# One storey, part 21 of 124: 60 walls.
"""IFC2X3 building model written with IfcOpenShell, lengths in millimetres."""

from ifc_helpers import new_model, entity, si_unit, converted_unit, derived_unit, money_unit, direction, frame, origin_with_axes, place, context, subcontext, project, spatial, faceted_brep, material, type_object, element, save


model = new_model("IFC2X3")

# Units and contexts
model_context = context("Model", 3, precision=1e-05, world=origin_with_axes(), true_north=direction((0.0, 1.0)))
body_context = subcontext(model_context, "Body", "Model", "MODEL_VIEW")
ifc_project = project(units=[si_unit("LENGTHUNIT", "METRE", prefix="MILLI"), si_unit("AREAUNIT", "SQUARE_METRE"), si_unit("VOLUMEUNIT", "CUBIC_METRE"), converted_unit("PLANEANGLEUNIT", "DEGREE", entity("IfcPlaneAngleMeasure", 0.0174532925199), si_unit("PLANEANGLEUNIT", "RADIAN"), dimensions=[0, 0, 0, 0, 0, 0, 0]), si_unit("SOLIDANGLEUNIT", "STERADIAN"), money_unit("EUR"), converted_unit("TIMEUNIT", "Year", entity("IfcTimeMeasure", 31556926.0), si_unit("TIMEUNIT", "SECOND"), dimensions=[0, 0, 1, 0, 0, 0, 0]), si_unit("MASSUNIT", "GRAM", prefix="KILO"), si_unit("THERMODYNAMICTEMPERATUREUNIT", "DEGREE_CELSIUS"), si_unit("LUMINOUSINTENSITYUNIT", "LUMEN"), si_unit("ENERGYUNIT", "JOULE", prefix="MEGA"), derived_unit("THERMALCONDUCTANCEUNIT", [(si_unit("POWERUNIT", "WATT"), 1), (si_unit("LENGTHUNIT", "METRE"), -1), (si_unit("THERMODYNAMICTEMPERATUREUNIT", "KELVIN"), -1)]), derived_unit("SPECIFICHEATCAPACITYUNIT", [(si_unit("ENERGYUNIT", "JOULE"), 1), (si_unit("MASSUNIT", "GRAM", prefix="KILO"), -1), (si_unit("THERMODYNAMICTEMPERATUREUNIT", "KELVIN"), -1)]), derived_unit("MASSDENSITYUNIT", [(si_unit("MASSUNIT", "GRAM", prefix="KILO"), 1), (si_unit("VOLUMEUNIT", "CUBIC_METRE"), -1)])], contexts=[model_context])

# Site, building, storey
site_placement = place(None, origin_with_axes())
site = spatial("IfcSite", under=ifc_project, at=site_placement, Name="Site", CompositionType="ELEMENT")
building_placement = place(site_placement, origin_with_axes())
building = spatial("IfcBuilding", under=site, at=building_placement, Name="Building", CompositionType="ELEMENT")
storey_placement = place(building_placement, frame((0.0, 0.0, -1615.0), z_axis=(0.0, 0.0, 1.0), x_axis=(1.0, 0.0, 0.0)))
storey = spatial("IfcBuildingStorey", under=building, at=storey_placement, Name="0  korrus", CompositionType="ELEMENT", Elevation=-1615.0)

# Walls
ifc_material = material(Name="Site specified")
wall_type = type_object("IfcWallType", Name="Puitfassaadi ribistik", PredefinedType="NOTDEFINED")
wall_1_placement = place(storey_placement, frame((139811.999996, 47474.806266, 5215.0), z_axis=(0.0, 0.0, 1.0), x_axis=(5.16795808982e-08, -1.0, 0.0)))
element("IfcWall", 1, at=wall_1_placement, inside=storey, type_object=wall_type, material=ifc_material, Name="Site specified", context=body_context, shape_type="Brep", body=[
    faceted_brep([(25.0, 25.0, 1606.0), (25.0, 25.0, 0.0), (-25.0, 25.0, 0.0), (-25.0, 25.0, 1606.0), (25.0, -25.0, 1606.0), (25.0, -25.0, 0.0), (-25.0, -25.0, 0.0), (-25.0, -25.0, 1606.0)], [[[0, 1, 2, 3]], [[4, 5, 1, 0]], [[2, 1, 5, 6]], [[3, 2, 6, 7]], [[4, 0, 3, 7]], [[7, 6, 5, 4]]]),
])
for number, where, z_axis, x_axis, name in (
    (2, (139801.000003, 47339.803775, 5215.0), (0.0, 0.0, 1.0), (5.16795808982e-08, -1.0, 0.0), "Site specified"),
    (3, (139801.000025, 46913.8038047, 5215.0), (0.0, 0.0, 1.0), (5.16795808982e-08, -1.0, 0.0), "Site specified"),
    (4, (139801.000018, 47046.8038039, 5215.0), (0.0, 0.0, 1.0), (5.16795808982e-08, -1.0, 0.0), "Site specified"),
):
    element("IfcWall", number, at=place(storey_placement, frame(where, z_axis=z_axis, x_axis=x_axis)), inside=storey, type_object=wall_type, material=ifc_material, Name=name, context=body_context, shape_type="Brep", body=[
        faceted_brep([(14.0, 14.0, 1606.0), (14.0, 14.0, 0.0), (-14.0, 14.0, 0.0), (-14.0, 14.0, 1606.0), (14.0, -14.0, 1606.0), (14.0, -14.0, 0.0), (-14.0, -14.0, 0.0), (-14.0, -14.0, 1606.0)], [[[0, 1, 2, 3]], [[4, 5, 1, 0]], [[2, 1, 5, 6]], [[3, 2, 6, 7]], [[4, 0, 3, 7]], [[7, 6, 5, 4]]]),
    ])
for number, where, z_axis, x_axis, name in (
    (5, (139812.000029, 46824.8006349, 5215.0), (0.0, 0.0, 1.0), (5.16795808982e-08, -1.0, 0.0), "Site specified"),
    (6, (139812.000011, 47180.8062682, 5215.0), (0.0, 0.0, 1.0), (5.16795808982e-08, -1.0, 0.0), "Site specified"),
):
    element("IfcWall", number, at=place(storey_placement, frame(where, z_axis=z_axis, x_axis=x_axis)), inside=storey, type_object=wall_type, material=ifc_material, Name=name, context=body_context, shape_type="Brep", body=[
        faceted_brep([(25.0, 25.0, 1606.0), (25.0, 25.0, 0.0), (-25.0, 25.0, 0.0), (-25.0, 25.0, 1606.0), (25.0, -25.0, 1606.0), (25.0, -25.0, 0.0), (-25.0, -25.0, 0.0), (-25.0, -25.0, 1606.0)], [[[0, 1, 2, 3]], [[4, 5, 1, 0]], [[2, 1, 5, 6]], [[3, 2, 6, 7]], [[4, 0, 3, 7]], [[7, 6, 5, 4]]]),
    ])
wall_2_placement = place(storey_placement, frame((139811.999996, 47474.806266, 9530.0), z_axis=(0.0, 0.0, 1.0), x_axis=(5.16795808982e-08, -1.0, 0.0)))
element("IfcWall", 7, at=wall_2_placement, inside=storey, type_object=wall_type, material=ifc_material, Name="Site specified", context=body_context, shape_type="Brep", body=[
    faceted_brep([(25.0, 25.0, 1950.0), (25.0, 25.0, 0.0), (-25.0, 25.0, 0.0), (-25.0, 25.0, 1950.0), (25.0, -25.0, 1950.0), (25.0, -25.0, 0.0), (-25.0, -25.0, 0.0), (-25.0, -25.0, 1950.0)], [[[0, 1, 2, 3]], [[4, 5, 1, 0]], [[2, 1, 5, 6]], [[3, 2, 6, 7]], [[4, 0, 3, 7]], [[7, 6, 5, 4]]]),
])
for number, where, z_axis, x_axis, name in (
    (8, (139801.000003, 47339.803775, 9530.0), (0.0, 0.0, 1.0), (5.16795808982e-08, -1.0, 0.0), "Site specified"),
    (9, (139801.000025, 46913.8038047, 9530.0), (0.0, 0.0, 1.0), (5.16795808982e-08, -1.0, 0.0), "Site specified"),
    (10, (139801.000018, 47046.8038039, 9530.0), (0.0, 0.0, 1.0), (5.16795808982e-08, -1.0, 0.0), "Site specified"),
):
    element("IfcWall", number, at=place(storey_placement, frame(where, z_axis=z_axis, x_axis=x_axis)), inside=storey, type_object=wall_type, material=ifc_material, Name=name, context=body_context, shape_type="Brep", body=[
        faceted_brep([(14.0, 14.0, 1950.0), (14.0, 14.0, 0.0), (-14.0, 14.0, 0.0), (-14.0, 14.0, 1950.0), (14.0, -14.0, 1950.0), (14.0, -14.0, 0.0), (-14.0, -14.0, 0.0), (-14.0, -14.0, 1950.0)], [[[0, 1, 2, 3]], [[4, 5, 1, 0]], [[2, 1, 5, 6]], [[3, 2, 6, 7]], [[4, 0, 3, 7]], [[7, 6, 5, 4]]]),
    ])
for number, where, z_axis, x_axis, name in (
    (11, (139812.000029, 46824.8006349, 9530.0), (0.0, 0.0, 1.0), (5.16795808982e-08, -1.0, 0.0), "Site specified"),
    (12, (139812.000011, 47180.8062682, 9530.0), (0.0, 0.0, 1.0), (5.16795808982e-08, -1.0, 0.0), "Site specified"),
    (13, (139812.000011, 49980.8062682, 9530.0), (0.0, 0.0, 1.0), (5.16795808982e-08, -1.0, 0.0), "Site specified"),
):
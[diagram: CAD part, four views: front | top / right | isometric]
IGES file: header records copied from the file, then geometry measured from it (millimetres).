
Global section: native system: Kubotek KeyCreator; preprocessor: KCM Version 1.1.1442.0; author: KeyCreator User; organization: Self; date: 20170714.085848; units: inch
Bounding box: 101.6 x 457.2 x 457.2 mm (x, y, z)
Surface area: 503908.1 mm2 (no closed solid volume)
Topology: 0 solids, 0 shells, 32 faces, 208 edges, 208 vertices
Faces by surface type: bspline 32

TASK DIRECTIONS:
Pull every line with the string "part" out of the material.

OUTPUT FOR THIS TASK:
# One storey, part 21 of 124: 60 walls.
[diagram: CAD part, four views: front | top / right | isometric]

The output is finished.